I walk to Mick's alone. Theo offered me a ride, but I declined and said I had to drop something off at the post office. It's only twenty minutes walking from the school, but today I don't want to get there. Theo is probably the best person I know, and my closest friend. As I approach him, sitting there with a chocolate milkshake in front of him, and across the booth in the place, I assume to be my spot, was a strawberry milkshake, a burger, and a container of fries.

"You waiting on someone?" I joke as I slide in across from him, not sitting in front of the food.

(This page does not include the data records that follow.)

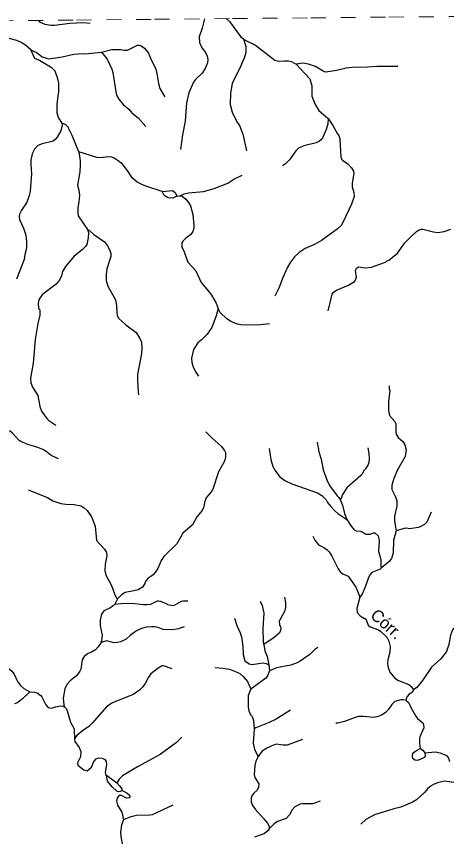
# Model space of a CAD drawing. Extents: x 346.5 to 372.4, y 7400.3 to 7428.2.
# Drawn here: x 359.2 to 362.07, y 7422.68 to 7428.16 of the extents above; entities that cross this region are included whole.
import ezdxf
from ezdxf.enums import TextEntityAlignment as Align

# ---------------------------------------------------------------- set-up
doc = ezdxf.new("R2010")
doc.units = 0
doc.header["$LTSCALE"] = 0.032
doc.linetypes.add('SHORT_DASHED', pattern=[2.7, 1.5, -1.2])
for name, color, linetype, lineweight in [('2', 7, 'Continuous', 25), ('53', 7, 'SHORT_DASHED', 13), ('7', 7, 'Continuous', 25)]:
    doc.layers.add(name, color=color, linetype=linetype, lineweight=lineweight)
doc.layers.add('61', color=7, linetype='Continuous')

msp = doc.modelspace()

# ---------------------------------------------------------------- linework, layer by layer
at = {"layer": '2'}
for points in [[(360.1729, 7426.9861), (360.242, 7426.9932), (360.2587, 7426.9788), (360.2709, 7426.9555), (360.2438, 7426.9425), (360.2123, 7426.9445), (360.1856, 7426.9603)], [(361.8965, 7423.2635), (361.9141, 7423.2527), (361.9279, 7423.2355), (361.9302, 7423.2133), (361.9226, 7423.2035), (361.8958, 7423.1911), (361.876, 7423.1845), (361.8606, 7423.1871), (361.8483, 7423.1979), (361.8447, 7423.2143), (361.8488, 7423.2333), (361.8606, 7423.2451)], [(359.7998, 7423.0853), (359.869, 7423.0347), (359.8883, 7423.0151), (359.9024, 7422.9939), (359.9058, 7422.9835), (359.8927, 7422.978), (359.8796, 7422.9754), (359.87, 7422.9793), (359.839, 7423.0083), (359.8067, 7423.0468)]]:
    msp.add_lwpolyline(points, close=True, dxfattribs=at)
at = {"layer": '53'}
msp.add_lwpolyline([(355.9458, 7428.0971), (356.4678, 7428.1021), (356.9898, 7428.1072), (357.5118, 7428.1122), (358.0338, 7428.1172), (358.5558, 7428.1222), (359.0778, 7428.1271), (359.5998, 7428.1321), (360.1218, 7428.137), (360.6438, 7428.1419), (361.1658, 7428.1468), (361.6878, 7428.1517), (362.2098, 7428.1565)], dxfattribs=at)
at = {"layer": '7'}
msp.add_line((360.2709, 7426.9555), (360.2939, 7426.9584), dxfattribs=at)
for points in [[(359.6922, 7428.1092), (359.6452, 7428.114), (359.5559, 7428.11), (359.4539, 7428.0949), (359.4284, 7428.0949), (359.3902, 7428.102), (359.36, 7428.1166), (359.3492, 7428.1297)], [(360.4549, 7428.1401), (360.4405, 7428.0773), (360.4206, 7428.02), (360.4214, 7427.9825), (360.4373, 7427.9466), (360.4612, 7427.9164), (360.474, 7427.8909), (360.4772, 7427.8685), (360.4756, 7427.8462), (360.4596, 7427.808), (360.4397, 7427.7769), (360.3959, 7427.7346), (360.3831, 7427.7179), (360.3513, 7427.6454), (360.3361, 7427.5785), (360.3258, 7427.4557), (360.3082, 7427.3649), (360.2955, 7427.2669)], [(360.5994, 7428.1415), (360.6222, 7428.122), (360.6967, 7428.0219), (360.7173, 7428.0074)], [(359.2939, 7427.9329), (359.2595, 7427.965), (359.2308, 7427.9825), (359.2021, 7427.9952), (359.1415, 7428.0104), (359.1235, 7428.0245)], [(360.7173, 7428.0074), (360.7314, 7427.9546), (360.7314, 7427.9164), (360.721, 7427.8781), (360.7083, 7427.8478), (360.6916, 7427.8096), (360.6509, 7427.7331), (360.6413, 7427.7076), (360.6286, 7427.6438), (360.627, 7427.5673), (360.6413, 7427.5163), (360.6724, 7427.4525), (360.69, 7427.4278), (360.7123, 7427.3697), (360.7354, 7427.2573)], [(360.7173, 7428.0074), (360.7283, 7427.9985), (360.796, 7427.965), (360.9267, 7427.863), (360.9522, 7427.8574), (360.9904, 7427.8606), (361.0159, 7427.859), (361.0374, 7427.8542), (361.068, 7427.8366)], [(359.5046, 7427.4438), (359.4794, 7427.4812), (359.4714, 7427.5099), (359.4714, 7427.5673), (359.4778, 7427.6247), (359.481, 7427.6534), (359.481, 7427.7108), (359.4746, 7427.7394), (359.4571, 7427.7912), (359.438, 7427.8103), (359.3519, 7427.8614), (359.3216, 7427.8749), (359.2939, 7427.9329)], [(359.2939, 7427.9329), (359.3376, 7427.9132), (359.371, 7427.8869), (359.4157, 7427.8733), (359.5049, 7427.8853), (359.5814, 7427.9036), (359.6452, 7427.9084), (359.6579, 7427.9068), (359.7663, 7427.9183)], [(359.7663, 7427.9183), (359.8364, 7427.9347), (359.8954, 7427.9347), (359.9177, 7427.9299), (359.94, 7427.9299), (360.0086, 7427.9642), (360.0197, 7427.9642), (360.0333, 7427.9594), (360.0556, 7427.9435), (360.0811, 7427.91), (360.0938, 7427.8765), (360.1313, 7427.804), (360.1377, 7427.7745), (360.1472, 7427.7076), (360.1576, 7427.6741), (360.1895, 7427.6191)], [(359.7663, 7427.9183), (359.8053, 7427.8701), (359.8372, 7427.8048), (359.8436, 7427.7809), (359.8619, 7427.6518), (359.8675, 7427.6311), (359.8826, 7427.604), (359.9121, 7427.5681), (359.9488, 7427.537), (359.9695, 7427.5131), (360.0126, 7427.4788), (360.0644, 7427.4199)], [(361.7467, 7427.8207), (361.6089, 7427.8223), (361.5451, 7427.8167), (361.4431, 7427.8151), (361.4016, 7427.8096), (361.3379, 7427.7944), (361.2654, 7427.7841), (361.2486, 7427.7896), (361.1968, 7427.8223), (361.1514, 7427.8382), (361.1132, 7427.8446), (361.068, 7427.8366)], [(361.068, 7427.8366), (361.1593, 7427.7402), (361.1729, 7427.6932), (361.1737, 7427.6231), (361.1944, 7427.5689), (361.2207, 7427.5274), (361.2821, 7427.4743)], [(359.5046, 7427.4438), (359.5052, 7427.4301), (359.4953, 7427.392), (359.4706, 7427.3489), (359.4579, 7427.333), (359.4443, 7427.3218), (359.371, 7427.3059), (359.3423, 7427.2931), (359.3192, 7427.27), (359.3049, 7427.239), (359.2953, 7427.1959), (359.2945, 7427.1672), (359.2993, 7427.1035), (359.2905, 7426.9887), (359.2849, 7426.9584), (359.2658, 7426.9106), (359.2315, 7426.8628), (359.2196, 7426.8341), (359.218, 7426.8198), (359.2196, 7426.799), (359.2459, 7426.7417), (359.2618, 7426.6939), (359.2666, 7426.6508), (359.2658, 7426.6078), (359.2539, 7426.5647), (359.2499, 7426.5329), (359.1989, 7426.4014)], [(359.6156, 7427.2515), (359.5718, 7427.3601), (359.5479, 7427.4047), (359.5463, 7427.4135), (359.5288, 7427.4326), (359.5046, 7427.4438)], [(361.2821, 7427.4743), (361.314, 7427.4286), (361.3442, 7427.372), (361.3538, 7427.3609), (361.3602, 7427.3394), (361.3674, 7427.2135), (361.3713, 7427.2095), (361.3721, 7427.2023), (361.3777, 7427.1967), (361.4136, 7427.1704), (361.4383, 7427.1449), (361.451, 7427.1234), (361.4526, 7427.1067), (361.4415, 7427.0429), (361.4415, 7427.0174), (361.4542, 7426.9792), (361.455, 7426.9537), (361.4383, 7426.9026), (361.3785, 7426.7751), (361.3682, 7426.76), (361.3411, 7426.7337), (361.2367, 7426.6596), (361.1897, 7426.6333), (361.1283, 7426.6054), (361.0876, 7426.5799), (361.0566, 7426.5496), (361.0295, 7426.5153), (361.0095, 7426.4819), (360.9761, 7426.4054), (360.953, 7426.3416), (360.9267, 7426.2866)], [(361.2821, 7427.4743), (361.2789, 7427.4382), (361.2693, 7427.3999), (361.2415, 7427.3386), (361.2247, 7427.3226), (361.2016, 7427.3107), (361.1195, 7427.2923), (361.0837, 7427.2756), (361.0669, 7427.2573), (361.0239, 7427.1975), (360.9976, 7427.1712), (360.9769, 7427.1585)], [(359.6156, 7427.2515), (359.6244, 7427.1911), (359.6252, 7427.1656), (359.6228, 7427.1178), (359.6077, 7427.0294), (359.6165, 7426.9951), (359.6197, 7426.9616), (359.6165, 7426.917), (359.6101, 7426.8803), (359.6093, 7426.8421), (359.6117, 7426.8229), (359.6734, 7426.7324)], [(360.1729, 7426.9861), (360.0644, 7427.0214), (360.0357, 7427.0325), (360.0062, 7427.0493), (359.9719, 7427.078), (359.9448, 7427.121), (359.9074, 7427.1688), (359.8795, 7427.1919), (359.8508, 7427.2103), (359.8364, 7427.215), (359.8078, 7427.2182), (359.7647, 7427.2118), (359.736, 7427.2126), (359.6156, 7427.2515)], [(360.2939, 7426.9584), (360.3194, 7426.9704), (360.3481, 7426.9783), (360.4485, 7426.9863), (360.5202, 7427.0062), (360.6119, 7427.0413), (360.6509, 7427.0684), (360.7075, 7427.0955)], [(360.2939, 7426.9584), (360.3053, 7426.9552), (360.3313, 7426.9361), (360.3497, 7426.913), (360.3616, 7426.8915), (360.3768, 7426.8325), (360.3847, 7426.7608), (360.3839, 7426.7417), (360.3776, 7426.7194), (360.364, 7426.7002), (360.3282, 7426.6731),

"Attie," He sighs, "It's just us, eat."

He looks sad and tears pool at the edges of my eyes, thinking back to all the times I made him like this, "Can you come sit over by me please?"

I don't mean to it and my voice shakes, and it's way higher than I would want it to be. He nods and quickly switches sides so he's next to me pulling his milkshake across the table towards him.

I look down at the food knowing he bought it specifically for me, "How much was this? I'll pay you back?"

"Doesn't matter. You eat it, and I'm more than happy to buy it." He puts his arm around me, and I bury myself into his side. It's comfortable.

"I can't" I mumble into him.

"Hmm? Attie?"

I look at him, tears now spilling down my cheeks as he holds me closer, "I can't."

He grabs a napkin and wipes my eyes, "How long have you been holding these tears in for?" He smiles at me, it's definitely bitter sweet.

"Since this morning." I sniffle into him and he wraps me in a sweatshirt he had tied around his waist.

"I'll go get a box. You good here for a second?"

I nod, and farther engulf myself into the jacket pulling its hood up, and the zipper up to my chin. Soon enough Theos holding two paper cups and a bag on his elbow.

"I can carry something." I say.

"Alright, take your shake?" He hands it to me as I nod, but before he drops his hand back to his side, he grabs mine, "You ok with going back to mine? You can spend the night if you want."

I think about having to take off my binder in front of company, something I have done many times with the lunchtable's family—minus Dex of course. Right now the prospect of being vulnerable feels unattainable, and my chest hurts even thinking about it.

Theo looks over at me, "Have you been binding all day?"
I nod, my hand still is his, "We can hang out in the bathroom for a while, hide you behind the shower curtain."

I smile remembering when I came out to Theo as trans. We were in the same exact arrangement, well I mean sorta. I was actually taking a shower after a panic attack and Theo sat in there with me facing the door. He didn't know why the panic started, and I still don't think he does, but it was because I did plan on coming out to him before I had left his house. It was the first time I told anyone. He had just handed me a big shirt, and a pair of basketball shorts when I said it, "Im transgender. I'm a boy." After I said those words he barely waited for me to get the clothes on before he was holding me against him in a hug. We stood just hugging and crying in the shower for a long time before discussing what being a boy meant to me, and he was the one with me while I tried on different names and chose one. Somehow the joined bathroom to his bedroom became our safe space. Whenever I got stressed, which was quite often, or vice versa we always sat there.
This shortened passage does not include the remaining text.